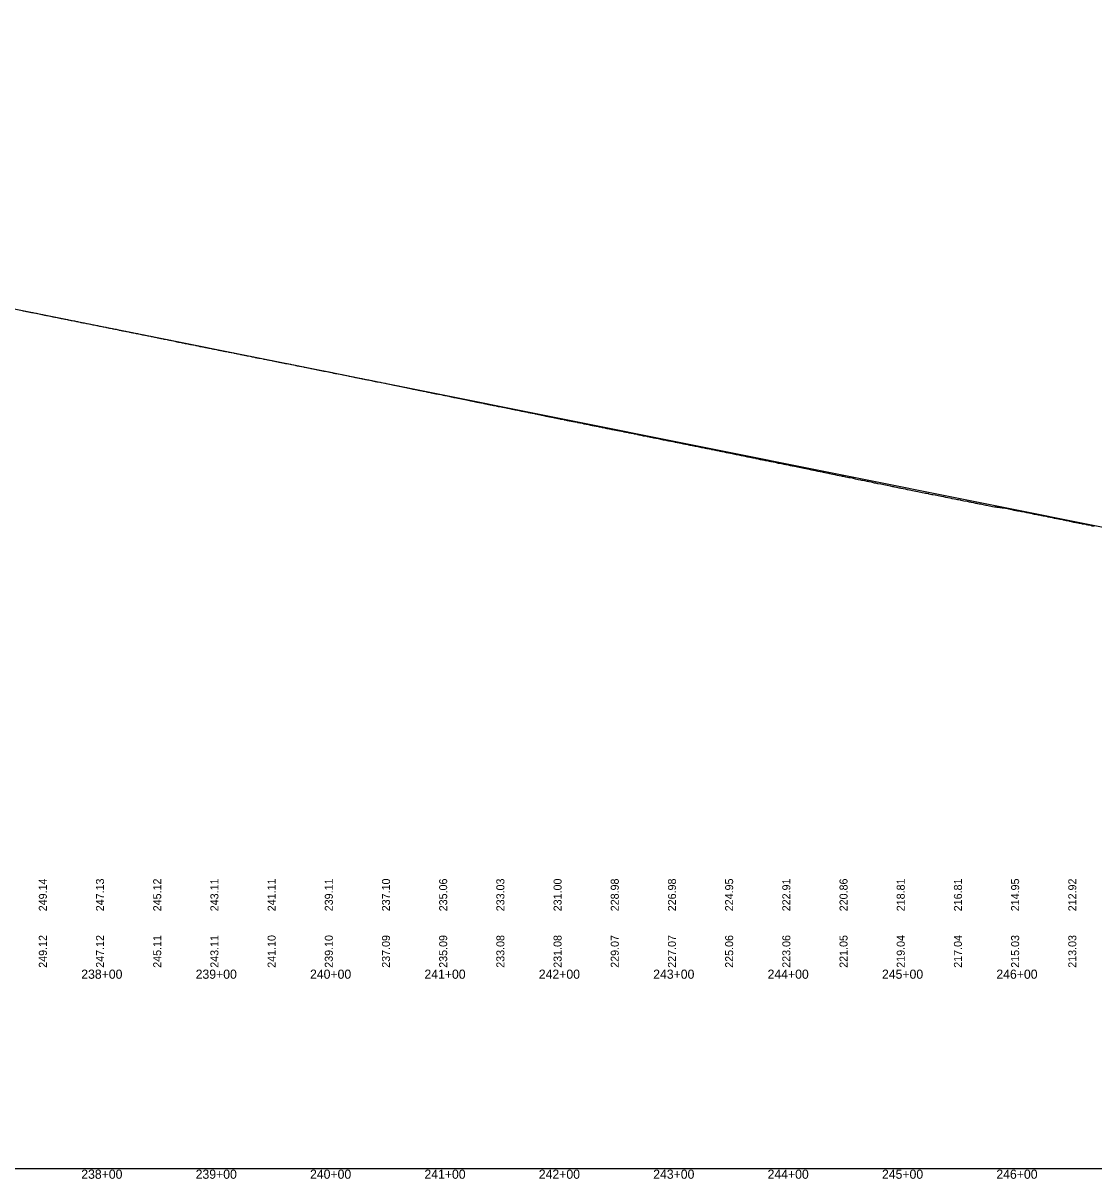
# Model space of a CAD drawing. Extents: x 1838386 to 1955906, y 719739 to 834437.
# Drawn here: x 1901091 to 1902027, y 825624 to 826635 of the extents above; entities that cross this region are included whole.
import ezdxf

# ---------------------------------------------------------------- set-up
doc = ezdxf.new("R2010")
doc.units = 0
for name, color, linetype in [('RD_DDB_Profile_EX', 7, 'Continuous'), ('RD_DDB_Profile_PR', 7, 'Continuous'), ('RD_DDB_StaTX', 7, 'Continuous'), ('RD_DDB_StripGrade', 7, 'Continuous'), ('RD_GPK_Profile_Cell', 7, 'Continuous')]:
    doc.layers.add(name, color=color, linetype=linetype)

msp = doc.modelspace()

# ---------------------------------------------------------------- linework, layer by layer
at = {"layer": 'RD_DDB_Profile_EX'}
for points in [[(1901091.1, 826383.2), (1901091.5, 826383.2), (1901091.9, 826383.1), (1901094.3, 826382.6), (1901095, 826382.4), (1901097.1, 826382), (1901098.8, 826381.7), (1901099.9, 826381.5), (1901100.7, 826381.3), (1901102.6, 826380.9), (1901103, 826380.9), (1901105.4, 826380.3), (1901107.8, 826379.9), (1901108.2, 826379.8), (1901110, 826379.4), (1901111, 826379.2), (1901111.8, 826379), (1901113.8, 826378.7), (1901114.2, 826378.6), (1901116.6, 826378.1), (1901117.4, 826377.9), (1901119, 826377.6), (1901119.4, 826377.5), (1901121.1, 826377.1), (1901122.2, 826376.9), (1901124.5, 826376.5), (1901125, 826376.4), (1901126.7, 826376), (1901127.8, 826375.8), (1901130.1, 826375.4), (1901130.6, 826375.3), (1901132.3, 826374.9), (1901133.4, 826374.7), (1901135.7, 826374.3), (1901136.2, 826374.2), (1901137.9, 826373.8), (1901139, 826373.6), (1901139.8, 826373.4), (1901141.3, 826373.2), (1901141.8, 826373), (1901143.5, 826372.7), (1901144.6, 826372.5), (1901146.9, 826372), (1901147.4, 826371.9), (1901149.1, 826371.6), (1901150.2, 826371.3), (1901152.4, 826370.9), (1901153, 826370.8), (1901153.5, 826370.7), (1901155.8, 826370.2), (1901156.5, 826370.1), (1901158, 826369.8), (1901158.6, 826369.7), (1901160.3, 826369.3), (1901161.4, 826369.1), (1901163.6, 826368.7), (1901164.2, 826368.6), (1901165.8, 826368.2), (1901167, 826368), (1901167.7, 826367.8), (1901169.2, 826367.6), (1901169.8, 826367.4), (1901171.4, 826367.1), (1901172.6, 826366.9), (1901174.8, 826366.4), (1901175.4, 826366.3), (1901176, 826366.2)], [(1901176, 826366.2), (1901178.2, 826365.7), (1901180.3, 826365.3), (1901181, 826365.2), (1901181.6, 826365.1), (1901183.8, 826364.6), (1901184.5, 826364.5), (1901185.9, 826364.2), (1901186.6, 826364), (1901187.2, 826363.9), (1901189.4, 826363.5), (1901190.1, 826363.3), (1901191.5, 826363.1), (1901192.2, 826362.9), (1901193.8, 826362.6), (1901195, 826362.4), (1901195.6, 826362.2), (1901197, 826362), (1901197.7, 826361.8), (1901199.4, 826361.5), (1901200.5, 826361.2), (1901202.6, 826360.8), (1901203.3, 826360.7), (1901204.1, 826360.6), (1901206.1, 826360.1), (1901206.8, 826360), (1901208.2, 826359.7), (1901208.9, 826359.6), (1901210.5, 826359.2), (1901211.7, 826359), (1901213.8, 826358.6), (1901214.5, 826358.4), (1901215.3, 826358.3), (1901217.3, 826357.9), (1901218, 826357.7), (1901219.3, 826357.4), (1901220.1, 826357.3), (1901221, 826357.1), (1901222.9, 826356.7), (1901224.9, 826356.3), (1901225.7, 826356.1), (1901227.3, 826355.8), (1901228.5, 826355.6), (1901230.5, 826355.2), (1901231.3, 826355), (1901232.9, 826354.6), (1901234.1, 826354.4), (1901236.1, 826354), (1901236.9, 826353.8), (1901237.6, 826353.7), (1901239.7, 826353.3), (1901241.8, 826352.9), (1901242.5, 826352.8), (1901244.1, 826352.4), (1901245.3, 826352.2), (1901245.9, 826352), (1901247.3, 826351.8), (1901248.1, 826351.6), (1901249.7, 826351.3), (1901250.9, 826351), (1901251.5, 826350.9), (1901252.7, 826350.7), (1901253.7, 826350.5), (1901254.7, 826350.3), (1901256.5, 826349.9), (1901258.2, 826349.6), (1901258.9, 826349.4), (1901259.3, 826349.4), (1901260.3, 826349.2), (1901262.1, 826348.8), (1901263.9, 826348.5), (1901264.6, 826348.4), (1901264.9, 826348.3), (1901266.4, 826347.9), (1901267.7, 826347.7), (1901268.3, 826347.6), (1901269.6, 826347.4), (1901270.5, 826347.2), (1901271.3, 826347), (1901273.3, 826346.6), (1901275.2, 826346.2), (1901276, 826346.1), (1901277.6, 826345.7), (1901278.9, 826345.5), (1901279.5, 826345.4), (1901280.7, 826345.2), (1901281.3, 826345), (1901281.7, 826345), (1901283.2, 826344.6), (1901284.5, 826344.4), (1901285, 826344.3), (1901286.1, 826344.1), (1901287.3, 826343.8), (1901288.4, 826343.6), (1901290, 826343.3), (1901291.7, 826342.9), (1901292.5, 826342.8), (1901292.8, 826342.7), (1901294.3, 826342.4), (1901295.6, 826342.1), (1901297.4, 826341.8)], [(1901297.4, 826341.8), (1901298.1, 826341.7), (1901298.4, 826341.6), (1901300, 826341.3), (1901301.2, 826341), (1901301.9, 826340.9), (1901303.1, 826340.7), (1901304, 826340.5), (1901305, 826340.3), (1901306.8, 826339.9), (1901308.7, 826339.6), (1901309.3, 826339.4), (1901309.6, 826339.4), (1901311.1, 826339), (1901312.4, 826338.8), (1901313, 826338.7), (1901314.1, 826338.5), (1901314.8, 826338.3), (1901315.2, 826338.2), (1901316.7, 826337.9), (1901318, 826337.7), (1901318.6, 826337.6), (1901319.6, 826337.4), (1901320.8, 826337.1), (1901322.1, 826336.9), (1901323.6, 826336.6), (1901325.2, 826336.3), (1901326, 826336.1), (1901326.4, 826336), (1901327.9, 826335.7), (1901329.2, 826335.5), (1901329.8, 826335.4), (1901330.9, 826335.1), (1901332, 826334.9), (1901333.1, 826334.7), (1901334.8, 826334.3), (1901336.6, 826334), (1901337.2, 826333.8), (1901337.6, 826333.8), (1901339.1, 826333.5), (1901340.4, 826333.2), (1901342.1, 826332.9), (1901342.8, 826332.7), (1901343.2, 826332.7), (1901344.7, 826332.3), (1901346, 826332.1), (1901346.5, 826332), (1901347.5, 826331.8), (1901348.8, 826331.5), (1901350.1, 826331.3), (1901351.6, 826331), (1901352.1, 826330.9), (1901353, 826330.7), (1901353.9, 826330.5), (1901354.4, 826330.4), (1901355.7, 826330.2), (1901357.2, 826329.9), (1901358.7, 826329.6), (1901359.6, 826329.4), (1901360, 826329.3), (1901361.4, 826329), (1901362.8, 826328.7), (1901364.4, 826328.4), (1901365.6, 826328.2), (1901366.7, 826328), (1901368.4, 826327.6), (1901370, 826327.3), (1901370.8, 826327.1), (1901371.1, 826327.1), (1901372.6, 826326.7), (1901374, 826326.5), (1901374.5, 826326.4), (1901375.4, 826326.2), (1901376.3, 826326), (1901376.7, 826325.9), (1901378.2, 826325.6), (1901379.5, 826325.4), (1901380, 826325.3), (1901380.9, 826325.1), (1901381.9, 826324.9), (1901382.4, 826324.8), (1901383.8, 826324.5), (1901385.1, 826324.3), (1901386.5, 826324), (1901387.5, 826323.8), (1901387.9, 826323.7), (1901389.4, 826323.4), (1901390.7, 826323.1), (1901391.2, 826323), (1901392.3, 826322.8), (1901393.5, 826322.6), (1901394.8, 826322.3), (1901396.3, 826322), (1901396.8, 826321.9), (1901397.9, 826321.7), (1901398.7, 826321.5), (1901399.1, 826321.4), (1901400.5, 826321.1), (1901401.9, 826320.9), (1901403.4, 826320.6), (1901404.3, 826320.4)], [(1901404.3, 826320.4), (1901404.7, 826320.3), (1901406.1, 826320), (1901407.5, 826319.7), (1901408, 826319.7), (1901408.8, 826319.5), (1901410.3, 826319.2), (1901411.8, 826318.9), (1901413.1, 826318.6), (1901414.4, 826318.4), (1901415.4, 826318.1), (1901415.9, 826318), (1901417.3, 826317.7), (1901418.7, 826317.5), (1901419.2, 826317.4), (1901420.1, 826317.2), (1901421.5, 826316.9), (1901422.9, 826316.6), (1901424.3, 826316.3), (1901425.8, 826316.1), (1901426.6, 826315.9), (1901427.1, 826315.8), (1901428.5, 826315.5), (1901429.9, 826315.2), (1901430.3, 826315.1), (1901431.2, 826314.9), (1901432.2, 826314.7), (1901432.7, 826314.6), (1901434, 826314.3), (1901435.5, 826314.1), (1901435.9, 826314), (1901436.6, 826313.8), (1901438.3, 826313.5), (1901439.9, 826313.2), (1901441.1, 826312.9), (1901442.3, 826312.7), (1901443.4, 826312.4), (1901443.9, 826312.3), (1901445.2, 826312), (1901446.7, 826311.8), (1901447.1, 826311.7), (1901448, 826311.5), (1901449.5, 826311.2), (1901450.9, 826310.9), (1901452.3, 826310.6), (1901453.6, 826310.4), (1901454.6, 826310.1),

**PROMPT**
From the data above, copy each line with the string "linetype" in it.

**SOLUTION TO THIS EXERCISE**
for name, color, linetype in [('RD_DDB_Profile_EX', 7, 'Continuous'), ('RD_DDB_Profile_PR', 7, 'Continuous'), ('RD_DDB_StaTX', 7, 'Continuous'), ('RD_DDB_StripGrade', 7, 'Continuous'), ('RD_GPK_Profile_Cell', 7, 'Continuous')]:
    doc.layers.add(name, color=color, linetype=linetype)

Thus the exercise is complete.